Written for [info]30_kisses
Theme: #19 - Red
Pairing: hyde and Megumi (L'Arc~en~Ciel)
Disclaimer: I do not own/am not affiliated with L’Arc~en~Ciel, Sony Ki/oon, Danger Crue, hyde, Megumi, etc. This is a work of complete fiction. It’s for fun; I’m not going to make any money off of this. However, this particular story is my own writing, so please do not claim it as yours or repost it without permission.
Warnings: Suicide. Real-life pairing
Word Count: 491
POV: First person (Megumi)



Roses are red, violets are blue
I’m so sorry; please know that I love you.


You wrote the damn thing in English.
Why, Hideto? Why, when you knew I wouldn’t understand?

I smiled at the single rose lying on the kitchen table. And I saw the note underneath. But our little boy was sleepy and I tucked him into bed, kissing his soft hair before I gave it another thought.

You’d gotten one with the thorns left on. And I pricked my finger.
I couldn’t yet see the irony of my blood dripping red or the red.
I licked it away and put the flower in a vase, all the while staring at the note with a look of confusion on my face.
I understood sorry. I understood love. And I had no idea what it was for.

I carried it into our room and set it down on the nightstand so I’d remember to ask you about it later. I fussed around for a bit trying to decide if I’d put on pajamas, finally deciding that I wanted a shower first.
I don’t know why you drew the curtain, Hideto. Our son never would have walked into our bathroom. Never.

So I stood there, undressed and ready to get in, and there I saw you.
It didn’t take any real thought to understand—no, not understand, because I’ll never understand—to realize what you’d done.

And I couldn’t yet see the irony in that you seemed faintly blue.

I bit my lip until I could taste blood--and I’d realize much later that I never actually paused to feel the pain of that cut--as I tried in desperation to get you down, shutting off the rational side of me that had already given up, was already crying.
But that side resurfaced when I found myself fumbling in vain with the knot. And in the real scheme of things, that never mattered, because it was too late before I’d even gotten in the door.
But it mattered to me. To get you down, take you off some sick display.
The paramedics had to do that much. If nothing else, your determination shone through in the strength of that knot. You weren’t leaving any chance of it being undone.

They at least let me stop crying before asking me all the questions I would have expected if I had been in any state of mind to think that far ahead. And it was cut and dry. Another high-profile suicide.
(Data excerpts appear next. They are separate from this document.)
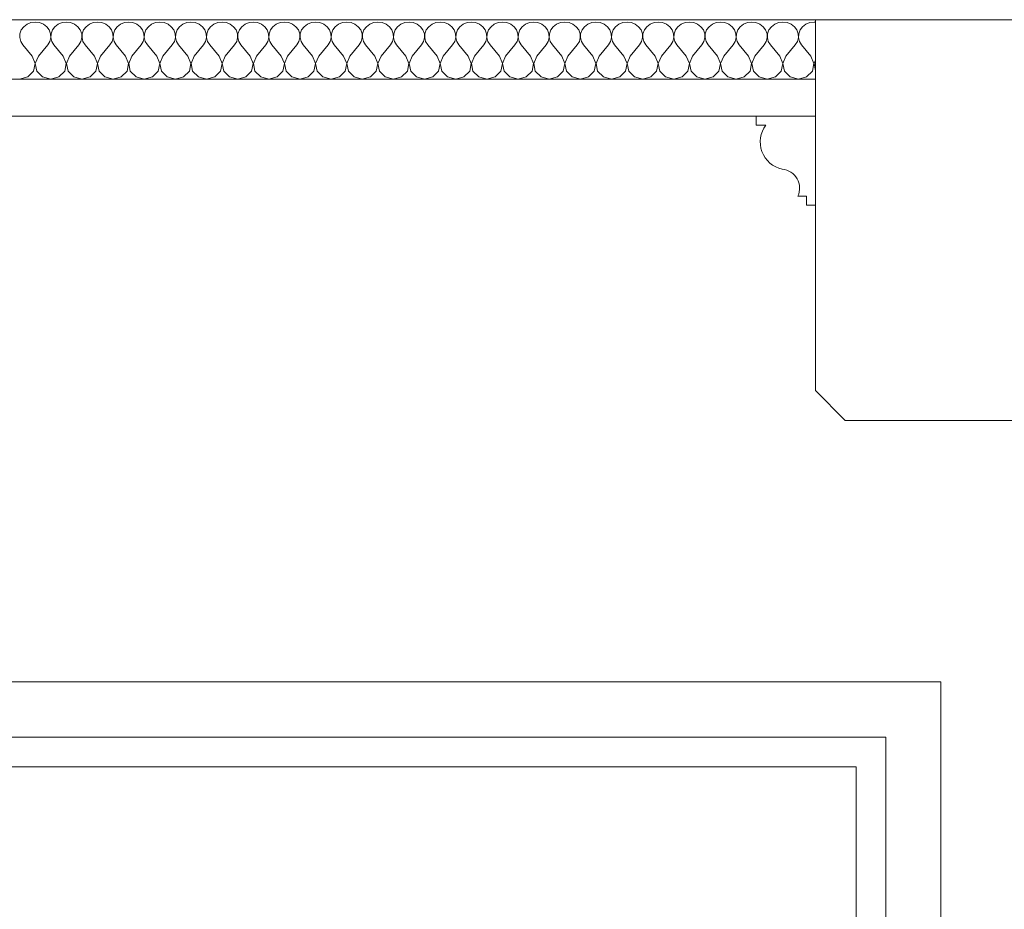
# Model space of a CAD drawing. Header units: millimetres. Extents: x -573548 to 674770, y -246895 to -89040.
# Tile 100 of 199: x 115944 to 116608, y -236277 to -235677. Entities that reach past the tile are written whole.
import ezdxf

# ---------------------------------------------------------------- set-up
doc = ezdxf.new("R2010")
doc.units = ezdxf.units.MM
for name, color, linetype, lineweight in [('belki sufitowe_Nr_pióra__41', 8, 'Continuous', 9), ('DRZWI_Nr_pióra__1', 8, 'Continuous', 9), ('DRZWI_Nr_pióra__2', 8, 'Continuous', 9), ('Nowe_Drawing & Figure_Nr_pióra__59', 8, 'Continuous', 9), ('Nowe_strop_Nr_pióra__59', 8, 'Continuous', 9), ('strop_Nr_pióra__41', 8, 'Continuous', 9)]:
    doc.layers.add(name, color=color, linetype=linetype, lineweight=lineweight)
doc.layers.add('Nowe_Drawing & Figure', color=7, linetype='Continuous')

# ---------------------------------------------------------------- blocks, each defined once
blk = doc.blocks.new('*X482', base_point=(477978.69, -104863.57))
at = {"layer": 'Nowe_Drawing & Figure', "color": 21, "linetype": 'Continuous', "lineweight": 13, "true_color": 0xffaaaa}
for p, q in [((510713.98, -73223.53), (510712.34, -73225.71)), ((510716.21, -73221.84), (510713.98, -73223.53)), ((510718.86, -73220.77), (510716.21, -73221.84)), ((510721.73, -73220.4), (510718.86, -73220.77)), ((510724.6, -73220.77), (510721.73, -73220.4)), ((510727.25, -73221.84), (510724.6, -73220.77)), ((510729.48, -73223.53), (510727.25, -73221.84)), ((510731.12, -73225.71), (510729.48, -73223.53)), ((510734.98, -73223.53), (510733.34, -73225.71)), ((510737.21, -73221.84), (510734.98, -73223.53)), ((510739.86, -73220.77), (510737.21, -73221.84)), ((510742.73, -73220.4), (510739.86, -73220.77)), ((510745.6, -73220.77), (510742.73, -73220.4)), ((510748.25, -73221.84), (510745.6, -73220.77)), ((510750.48, -73223.53), (510748.25, -73221.84)), ((510752.12, -73225.71), (510750.48, -73223.53)), ((510755.98, -73223.53), (510754.34, -73225.71)), ((510758.21, -73221.84), (510755.98, -73223.53)), ((510760.86, -73220.77), (510758.21, -73221.84)), ((510763.73, -73220.4), (510760.86, -73220.77)), ((510766.6, -73220.77), (510763.73, -73220.4)), ((510769.25, -73221.84), (510766.6, -73220.77)), ((510771.48, -73223.53), (510769.25, -73221.84)), ((510773.12, -73225.71), (510771.48, -73223.53)), ((510776.98, -73223.53), (510775.34, -73225.71)), ((510779.21, -73221.84), (510776.98, -73223.53)), ((510781.86, -73220.77), (510779.21, -73221.84)), ((510784.73, -73220.4), (510781.86, -73220.77)), ((510787.6, -73220.77), (510784.73, -73220.4)), ((510790.25, -73221.84), (510787.6, -73220.77)), ((510792.48, -73223.53), (510790.25, -73221.84)), ((510794.12, -73225.71), (510792.48, -73223.53)), ((510797.98, -73223.53), (510796.34, -73225.71)), ((510800.21, -73221.84), (510797.98, -73223.53)), ((510802.86, -73220.77), (510800.21, -73221.84)), ((510805.73, -73220.4), (510802.86, -73220.77)), ((510808.6, -73220.77), (510805.73, -73220.4)), ((510811.25, -73221.84), (510808.6, -73220.77)), ((510813.48, -73223.53), (510811.25, -73221.84)), ((510815.12, -73225.71), (510813.48, -73223.53)), ((510818.98, -73223.53), (510817.34, -73225.71)), ((510821.21, -73221.84), (510818.98, -73223.53)), ((510823.86, -73220.77), (510821.21, -73221.84)), ((510826.73, -73220.4), (510823.86, -73220.77)), ((510829.6, -73220.77), (510826.73, -73220.4)), ((510832.25, -73221.84), (510829.6, -73220.77)), ((510834.48, -73223.53), (510832.25, -73221.84)), ((510836.12, -73225.71), (510834.48, -73223.53)), ((510839.98, -73223.53), (510838.34, -73225.71)), ((510842.21, -73221.84), (510839.98, -73223.53)), ((510844.86, -73220.77), (510842.21, -73221.84)), ((510847.73, -73220.4), (510844.86, -73220.77)), ((510850.6, -73220.77), (510847.73, -73220.4)), ((510853.25, -73221.84), (510850.6, -73220.77)), ((510855.48, -73223.53), (510853.25, -73221.84)), ((510857.12, -73225.71), (510855.48, -73223.53)), ((510860.98, -73223.53), (510859.34, -73225.71)), ((510863.21, -73221.84), (510860.98, -73223.53)), ((510865.86, -73220.77), (510863.21, -73221.84)), ((510868.73, -73220.4), (510865.86, -73220.77)), ((510871.6, -73220.77), (510868.73, -73220.4)), ((510874.25, -73221.84), (510871.6, -73220.77)), ((510876.48, -73223.53), (510874.25, -73221.84)), ((510878.12, -73225.71), (510876.48, -73223.53)), ((510881.98, -73223.53), (510880.34, -73225.71)), ((510884.21, -73221.84), (510881.98, -73223.53)), ((510886.86, -73220.77), (510884.21, -73221.84)), ((510889.73, -73220.4), (510886.86, -73220.77)), ((510892.6, -73220.77), (510889.73, -73220.4)), ((510895.25, -73221.84), (510892.6, -73220.77)), ((510897.48, -73223.53), (510895.25, -73221.84)), ((510899.12, -73225.71), (510897.48, -73223.53)), ((510902.98, -73223.53), (510901.34, -73225.71)), ((510905.21, -73221.84), (510902.98, -73223.53)), ((510907.86, -73220.77), (510905.21, -73221.84)), ((510910.73, -73220.4), (510907.86, -73220.77)), ((510913.6, -73220.77), (510910.73, -73220.4)), ((510916.25, -73221.84), (510913.6, -73220.77)), ((510918.48, -73223.53), (510916.25, -73221.84)), ((510920.12, -73225.71), (510918.48, -73223.53)), ((510923.98, -73223.53), (510922.34, -73225.71)), ((510926.21, -73221.84), (510923.98, -73223.53)), ((510928.86, -73220.77), (510926.21, -73221.84)), ((510931.73, -73220.4), (510928.86, -73220.77)), ((510934.6, -73220.77), (510931.73, -73220.4)), ((510937.25, -73221.84), (510934.6, -73220.77)), ((510939.48, -73223.53), (510937.25, -73221.84)), ((510941.12, -73225.71), (510939.48, -73223.53)), ((510944.98, -73223.53), (510943.34, -73225.71)), ((510947.21, -73221.84), (510944.98, -73223.53)), ((510949.86, -73220.77), (510947.21, -73221.84)), ((510952.73, -73220.4), (510949.86, -73220.77)), ((510955.6, -73220.77), (510952.73, -73220.4)), ((510958.25, -73221.84), (510955.6, -73220.77)), ((510960.48, -73223.53), (510958.25, -73221.84)), ((510962.12, -73225.71), (510960.48, -73223.53)), ((510965.98, -73223.53), (510964.34, -73225.71)), ((510968.21, -73221.84), (510965.98, -73223.53)), ((510970.86, -73220.77), (510968.21, -73221.84)), ((510973.73, -73220.4), (510970.86, -73220.77)), ((510976.6, -73220.77), (510973.73, -73220.4)), ((510979.25, -73221.84), (510976.6, -73220.77)), ((510981.48, -73223.53), (510979.25, -73221.84)), ((510983.12, -73225.71), (510981.48, -73223.53)), ((510986.98, -73223.53), (510985.34, -73225.71)), ((510989.21, -73221.84), (510986.98, -73223.53)), ((510991.86, -73220.77), (510989.21, -73221.84)), ((510994.73, -73220.4), (510991.86, -73220.77)), ((510997.6, -73220.77), (510994.73, -73220.4)), ((511000.25, -73221.84), (510997.6, -73220.77)), ((511002.48, -73223.53), (511000.25, -73221.84)), ((511004.12, -73225.71), (511002.48, -73223.53)), ((511007.98, -73223.53), (511006.34, -73225.71)), ((511010.21, -73221.84), (511007.98, -73223.53)), ((511012.86, -73220.77), (511010.21, -73221.84)), ((511015.73, -73220.4), (511012.86, -73220.77)), ((511018.6, -73220.77), (511015.73, -73220.4)), ((511021.25, -73221.84), (511018.6, -73220.77)), ((511023.48, -73223.53), (511021.25, -73221.84)), ((511025.12, -73225.71), (511023.48, -73223.53)), ((511028.98, -73223.53), (511027.34, -73225.71)), ((511031.21, -73221.84), (511028.98, -73223.53)), ((511033.86, -73220.77), (511031.21, -73221.84)), ((511036.73, -73220.4), (511033.86, -73220.77)), ((511039.6, -73220.77), (511036.73, -73220.4)), ((511042.25, -73221.84), (511039.6, -73220.77)), ((511044.48, -73223.53), (511042.25, -73221.84)), ((511046.12, -73225.71), (511044.48, -73223.53)), ((511049.98, -73223.53), (511048.34, -73225.71)), ((511052.21, -73221.84), (511049.98, -73223.53)), ((511054.86, -73220.77), (511052.21, -73221.84)), ((511057.73, -73220.4), (511054.86, -73220.77)), ((511060.6, -73220.77), (511057.73, -73220.4)), ((511063.25, -73221.84), (511060.6, -73220.77)), ((511065.48, -73223.53), (511063.25, -73221.84)), ((511067.12, -73225.71), (511065.48, -73223.53)), ((511070.98, -73223.53), (511069.34, -73225.71)), ((511073.21, -73221.84), (511070.98, -73223.53)), ((511075.86, -73220.77), (511073.21, -73221.84)), ((511078.73, -73220.4), (511075.86, -73220.77)), ((511081.6, -73220.77), (511078.73, -73220.4)), ((511084.25, -73221.84), (511081.6, -73220.77)), ((511086.48, -73223.53), (511084.25, -73221.84)), ((511088.12, -73225.71), (511086.48, -73223.53)), ((511091.98, -73223.53), (511090.34, -73225.71)), ((511094.21, -73221.84), (511091.98, -73223.53)), ((511096.86, -73220.77), (511094.21, -73221.84)), ((511099.73, -73220.4), (511096.86, -73220.77)), ((511102.6, -73220.77), (511099.73, -73220.4)), ((511105.25, -73221.84), (511102.6, -73220.77)), ((511107.48, -73223.53), (511105.25, -73221.84)), ((511109.12, -73225.71), (511107.48, -73223.53)), ((511112.98, -73223.53), (511111.34, -73225.71)), ((511115.21, -73221.84), (511112.98, -73223.53)), ((511117.86, -73220.77), (511115.21, -73221.84)), ((511120.73, -73220.4), (511117.86, -73220.77)), ((511123.6, -73220.77), (511120.73, -73220.4)), ((511126.25, -73221.84), (511123.6, -73220.77)), ((511128.48, -73223.53), (511126.25, -73221.84)), ((511130.12, -73225.71), (511128.48, -73223.53)), ((511133.98, -73223.53), (511132.34, -73225.71)), ((511136.21, -73221.84), (511133.98, -73223.53)), ((511138.86, -73220.77), (511136.21, -73221.84)), ((511141.73, -73220.4), (511138.86, -73220.77)), ((511144.6, -73220.77), (511141.73, -73220.4)), ((511147.25, -73221.84), (511144.6, -73220.77)), ((511149.48, -73223.53), (511147.25, -73221.84)), ((511151.12, -73225.71), (511149.48, -73223.53)), ((511154.98, -73223.53), (511153.34, -73225.71)), ((511157.21, -73221.84), (511154.98, -73223.53)), ((511159.86, -73220.77), (511157.21, -73221.84)), ((511162.73, -73220.4), (511159.86, -73220.77)), ((511165.6, -73220.77), (511162.73, -73220.4)), ((511168.25, -73221.84), (511165.6, -73220.77)), ((511170.48, -73223.53), (511168.25, -73221.84)), ((511172.12, -73225.71), (511170.48, -73223.53)), ((511175.98, -73223.53), (511174.34, -73225.71)), ((511178.21, -73221.84), (511175.98, -73223.53)), ((511180.86, -73220.77), (511178.21, -73221.84)), ((511183.73, -73220.4), (511180.86, -73220.77)), ((511186.6, -73220.77), (511183.73, -73220.4)), ((511189.25, -73221.84), (511186.6, -73220.77)), ((511191.48, -73223.53), (511189.25, -73221.84)), ((511193.12, -73225.71), (511191.48, -73223.53)), ((511196.98, -73223.53), (511195.34, -73225.71)), ((511199.21, -73221.84), (511196.98, -73223.53)), ((511201.86, -73220.77), (511199.21, -73221.84)), ((511204.73, -73220.4), (511201.86, -73220.77)), ((511207.6, -73220.77), (511204.73, -73220.4)), ((511210.25, -73221.84), (511207.6, -73220.77)), ((511212.48, -73223.53), (511210.25, -73221.84)), ((511214.12, -73225.71), (511212.48, -73223.53)), ((511217.98, -73223.53), (511216.34, -73225.71)), ((511220.21, -73221.84), (511217.98, -73223.53)), ((511222.86, -73220.77), (511220.21, -73221.84)), ((511225.73, -73220.4), (511222.86, -73220.77)), ((511228.6, -73220.77), (511225.73, -73220.4)), ((511231.25, -73221.84), (511228.6, -73220.77)), ((511233.48, -73223.53), (511231.25, -73221.84)), ((511235.12, -73225.71), (511233.48, -73223.53)), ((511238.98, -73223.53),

Another field day for the magazines. Another mid life crisis gone too far.

There was no red sports car to warn me, no sudden late nights at the studio any more than you always had, nothing I would have taken as a warning. And I don’t know what was missing for you. And you couldn’t see fit to tell me.

Maybe I should be happier for not knowing.

Maybe it was me.

(please comment if you read)
Requests are open here.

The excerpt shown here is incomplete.